# Event bei Änderung der Spaltenbreite in einem JTable



## jueki (10. Aug 2010)

???:LHallo,

für mein Projekt ist es notwendig, dass ich über ein Event, also einen irgendwie gearteten ActionListener oder ähnliches mitbekomme, wenn der Anweder mit der Maus die Spaltenbreite in einer JTable ändert. Meine Tabelle ist in einer JScrollPane eingebettet. Aber weder JTable noch JScrollPane noch mein DefaultTableModel bieten ein geeignetes Event.

Hat jemand eine Lösung?


----------



## Michael... (10. Aug 2010)

Das könnte mit einem TableColumnModelListener am ColumnModel der JTable funktionieren.
Darf man fragen wozu? Das hört sich nach einem Workaround an.


----------



## jueki (10. Aug 2010)

Ja, man darf: ich habe eine horrende Menge Messdaten die in einer Tabelle wie auch graphisch dargestellt werden sollen. Um den Arbeitsspeicher nicht unnötig zu belasten habe ich die Tabelle so gebaut, dass sie nur wenig mehr Daten erhält als sie im gegebenen Fenster darstellen kann. Das klappt prima und ist irre schnell. Dadurch bin ich aber gezwungen, wenn ich mit den Scrollbars verschiebe oder sonstwie neue Daten einlesen muss, die Tabelle immer komplett neu aufzubauen (geht aber wie gesagt ratz-fatz). Die Spaltenbreiten merke ich mir dazu in einer selbstgeschriebenen Datenstruktur. Das einzige Problem ist, wie ich diese Datenstruktur aktuell halte. Im Augenblick des Scrollens oder Resizends ist es dazu bereits zu spät.

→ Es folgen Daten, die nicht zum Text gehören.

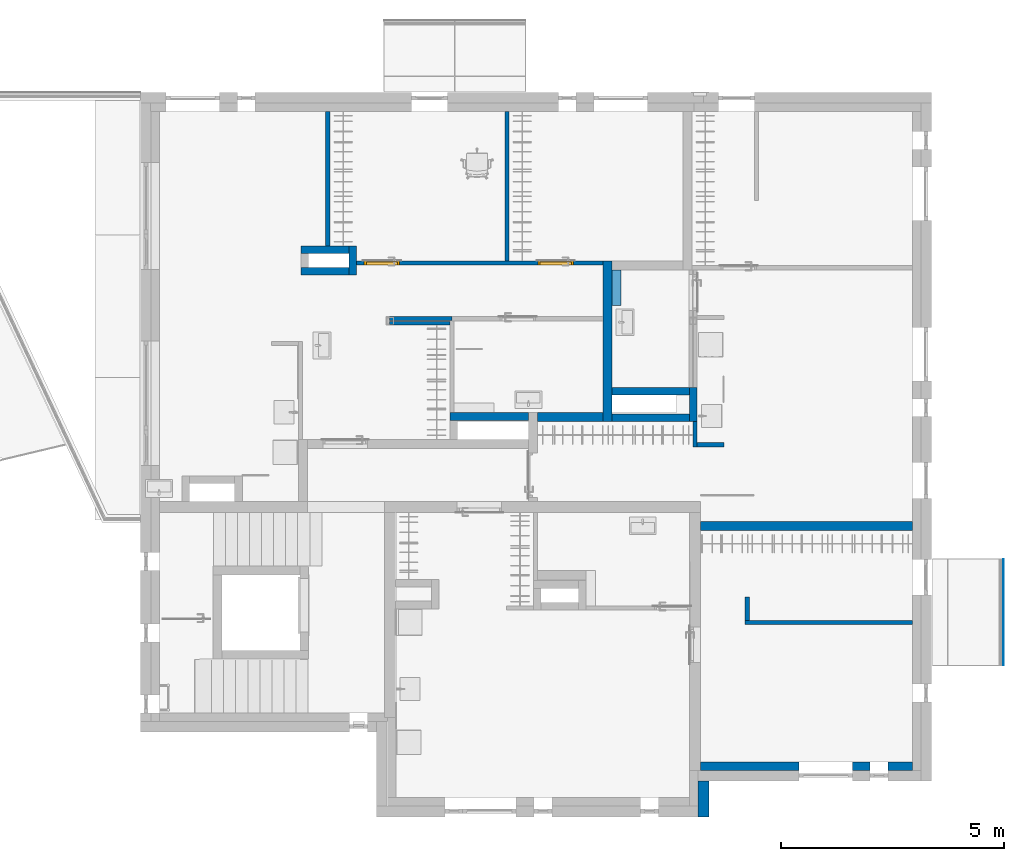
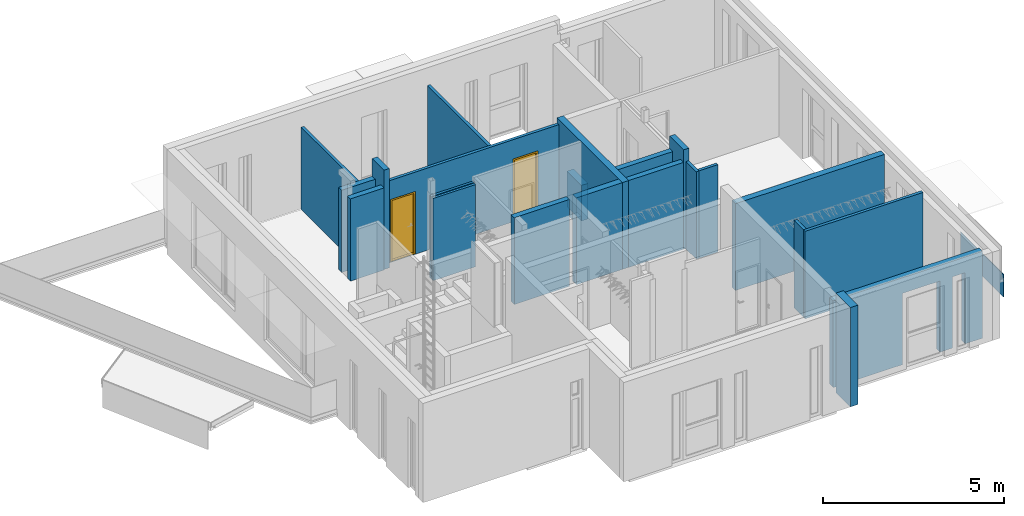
# One storey, part 4 of 42: 23 walls, 2 doors, 12 openings.
"""IFC2X3 building model written with IfcOpenShell, lengths in millimetres."""

from ifc_helpers import new_model, entity, si_unit, converted_unit, direction, frame, frame_2d, origin, place, context, subcontext, project, spatial, polyline, rectangle, extrude, clip, bounded_halfspace, faceted_brep, source, transform, mapped, material, layer, layer_set, layer_usage, type_object, type_shapes, element, fill, save


model = new_model("IFC2X3")

# Units and contexts
model_context = context("Model", 3, precision=0.01, world=origin(), true_north=direction((6.123233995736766e-17, 1.0)))
plan_context = context("Plan", 3, precision=0.01, world=origin(), true_north=direction((6.123233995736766e-17, 1.0)))
body_context = subcontext(model_context, "Body", "Model", "MODEL_VIEW")
ifc_project = project(units=[si_unit("LENGTHUNIT", "METRE", prefix="MILLI"), converted_unit("PLANEANGLEUNIT", "DEGREE", entity("IfcPlaneAngleMeasure", 0.017453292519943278), si_unit("PLANEANGLEUNIT", "RADIAN"), dimensions=[0, 0, 0, 0, 0, 0, 0]), si_unit("AREAUNIT", "SQUARE_METRE")], contexts=[model_context, plan_context])

# Site, building, storey
site_placement = place(None, origin())
site = spatial("IfcSite", under=ifc_project, at=site_placement, Name="Default", CompositionType="ELEMENT")
building_placement = place(site_placement, origin())
building = spatial("IfcBuilding", under=site, at=building_placement, CompositionType="ELEMENT")
storey_placement = place(building_placement, frame((0.0, 0.0, 9465.000076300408)))
storey = spatial("IfcBuildingStorey", under=building, at=storey_placement, Name="4K", CompositionType="ELEMENT", Elevation=9465.000076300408)

# Walls
ifc_material_1 = material(Name="_K. Väisviimistlus. Krohv. Valge")
ifc_layer_1 = layer(ifc_material_1, 5.0)
ifc_material_2 = material(Name="_K. Müüritis. Väikeplokk. Betoon-õõnesplokk")
ifc_layer_2 = layer(ifc_material_2, 190.00000000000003)
ifc_layer_3 = layer(ifc_material_1, 5.0)
ifc_layer_set_1 = layer_set([ifc_layer_1, ifc_layer_2, ifc_layer_3], Name="Basic Wall:SS-01. 190")
ifc_layer_usage_1 = layer_usage(ifc_layer_set_1, "AXIS2", "POSITIVE", -100.00000000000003)
wall_type_1 = type_object("IfcWallType", Name="Basic Wall:SS-01. 190", PredefinedType="STANDARD", material=ifc_layer_set_1)
wall_1_placement = place(storey_placement, frame((10050.0, 12046.0, 0.0), z_axis=(0.0, 0.0, 1.0), x_axis=(0.0, -1.0, 0.0)))
element("IfcWallStandardCase", 1, at=wall_1_placement, inside=storey, type_object=wall_type_1, material=ifc_layer_usage_1, Name="Basic Wall:SS-01. 190", ObjectType="Basic Wall:SS-01. 190", context=body_context, shape_type="SweptSolid", body=[
    extrude(rectangle(XDim=3605.9999999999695, YDim=200.0000000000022, at=frame_2d((1802.9999999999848, -4.973799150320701e-14), x_axis=(-1.0, 0.0))), origin(), (0.0, 0.0, 1.0), 2925.999923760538),
])
ifc_layer_usage_2 = layer_usage(ifc_layer_set_1, "AXIS2", "NEGATIVE", 100.00000000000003)
wall_2_placement = place(storey_placement, frame((8480.0, 8540.0, 0.0)))
element("IfcWallStandardCase", 2, at=wall_2_placement, inside=storey, type_object=wall_type_1, material=ifc_layer_usage_2, Name="Basic Wall:SS-01. 190", ObjectType="Basic Wall:SS-01. 190", context=body_context, shape_type="SweptSolid", body=[
    extrude(rectangle(XDim=1470.0000000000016, YDim=200.0, at=frame_2d((735.0000000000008, -1.6342482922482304e-13), x_axis=(-1.0, 0.0))), origin(), (0.0, 0.0, 1.0), 2925.999923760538),
])
ifc_layer_usage_3 = layer_usage(ifc_layer_set_1, "AXIS2", "NEGATIVE", 100.00000000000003)
wall_3_placement = place(storey_placement, frame((12144.993534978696, 6100.0, 0.0)))
element("IfcWallStandardCase", 3, at=wall_3_placement, inside=storey, type_object=wall_type_1, material=ifc_layer_usage_3, Name="Basic Wall:SS-01. 190", ObjectType="Basic Wall:SS-01. 190", context=body_context, shape_type="SweptSolid", body=[
    extrude(rectangle(XDim=4755.006465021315, YDim=200.0, at=frame_2d((2377.5032325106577, 7.815970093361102e-14), x_axis=(-1.0, 0.0))), origin(), (0.0, 0.0, 1.0), 2925.999923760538),
])

# Wall, openings
ifc_layer_4 = layer(ifc_material_2, 190.00000000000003)
ifc_layer_set_2 = layer_set([ifc_layer_4], Name="Basic Wall:Columbia 190mm")
ifc_layer_usage_4 = layer_usage(ifc_layer_set_2, "AXIS2", "NEGATIVE", 95.00000000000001)
wall_type_2 = type_object("IfcWallType", Name="Basic Wall:Columbia 190mm", PredefinedType="STANDARD", material=ifc_layer_set_2)
wall_4_placement = place(storey_placement, frame((16900.0, 705.0, 0.0), z_axis=(0.0, 0.0, 1.0), x_axis=(-1.0, 0.0, 0.0)))
wall_4 = element("IfcWallStandardCase", 4, at=wall_4_placement, inside=storey, type_object=wall_type_2, material=ifc_layer_usage_4, Name="Basic Wall:Columbia 190mm", ObjectType="Basic Wall:Columbia 190mm", context=body_context, shape_type="SweptSolid", body=[
    extrude(rectangle(XDim=4755.006465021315, YDim=190.0000000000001, at=frame_2d((2377.5032325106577, 7.105427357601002e-15), x_axis=(-1.0, 0.0))), origin(), (0.0, 0.0, 1.0), 2925.999923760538),
])
opening_1_placement = place(wall_4_placement, frame((16900.0, 705.0, 0.0)))
element("IfcOpeningElement", 5, at=opening_1_placement, cuts=wall_4, Name="Basic Wall:Columbia 190mm", ObjectType="Opening", context=body_context, shape_type="Brep", body=[
    faceted_brep([(-15950.0, -350.0, 2400.0), (-15950.0, -1044.0, 2400.0), (-15950.0, -1044.0, 0.0), (-15950.0, -460.0, 0.0), (-15950.0, -450.0, 0.0), (-15950.0, -350.0, 0.0), (-16350.0, -350.0, 2400.0), (-16350.0, -1044.0, 2400.0), (-16350.0, -350.0, 0.0), (-16350.0, -450.0, 0.0), (-16350.0, -460.0, 0.0), (-16350.0, -1044.0, 0.0)], [[[0, 1, 2, 3, 4, 5]], [[6, 7, 1, 0]], [[8, 9, 10, 11, 7, 6]], [[5, 4, 3, 2, 11, 10, 9, 8]], [[6, 0, 5, 8]], [[7, 11, 2, 1]]]),
])
opening_2_placement = place(wall_4_placement, frame((16900.0, 705.0, 0.0)))
element("IfcOpeningElement", 6, at=opening_2_placement, cuts=wall_4, Name="Basic Wall:Columbia 190mm", ObjectType="Opening", context=body_context, shape_type="Brep", body=[
    faceted_brep([(-14350.0, -350.0, 2400.0), (-14350.0, -1044.0, 2400.0), (-14350.0, -1044.0, 0.0), (-14350.0, -460.0, 0.0), (-14350.0, -450.0, 0.0), (-14350.0, -350.0, 0.0), (-15550.0, -350.0, 2400.0), (-15550.0, -1044.0, 2400.0), (-15550.0, -350.0, 0.0), (-15550.0, -450.0, 0.0), (-15550.0, -460.0, 0.0), (-15550.0, -1044.0, 0.0)], [[[0, 1, 2, 3, 4, 5]], [[6, 7, 1, 0]], [[8, 9, 10, 11, 7, 6]], [[5, 4, 3, 2, 11, 10, 9, 8]], [[6, 0, 5, 8]], [[7, 11, 2, 1]]]),
])

ifc_layer_5 = layer(ifc_material_1, 10.0)
ifc_material_3 = material(Name="_K. Soojustus. EPS Silver")
ifc_layer_6 = layer(ifc_material_3, 230.0)
ifc_layer_set_3 = layer_set([ifc_layer_5, ifc_layer_6], Name="Basic Wall:VS-01")
ifc_layer_usage_5 = layer_usage(ifc_layer_set_3, "AXIS2", "NEGATIVE", 120.0)
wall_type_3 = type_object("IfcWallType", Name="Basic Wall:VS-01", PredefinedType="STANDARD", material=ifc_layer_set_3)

Mit dem "TableColumnModelListener" werd ich mal probieren, muss erst mal sehen, wie ich an das Ding überhaut rankomme.


----------



## Michael... (10. Aug 2010)

Ist das Problem, dass beim Update der Daten in der Tabelle die Spaltenbreiten zurückgesetzt werden?
Benutzt Du ein DefaultTableModel und verwendest die Methode setDataVector(...), um neue Daten in die Tabelle einzufügen?
Dann könnte folgender Thread für Dich interessant sein und Dir ein qualvolles expermentieren mit Listenern ersparen: http://www.java-forum.org/awt-swing-swt/104204-jtable-spaltenbreite-beibehalten.html


----------



## ymene (10. Aug 2010)

Da ich an einem ganz ähnlichem Problem arbeite bin auch ich etwas neugierig. Darf man auch fragen, ob du deine Values sowohl spalten- aus auch zeilenspezifische nachlädst, oder gilt das nur für ganze Datensätze? Ich frage, da ich selber aktuell an einer LazyListTableModel-Implementierung arbeite die von der Umsetzung her etwas anders geartet ist, als das was ich bei dir so raushöre. Hast du dich da an ein bestimmtes Vorbild gehalten?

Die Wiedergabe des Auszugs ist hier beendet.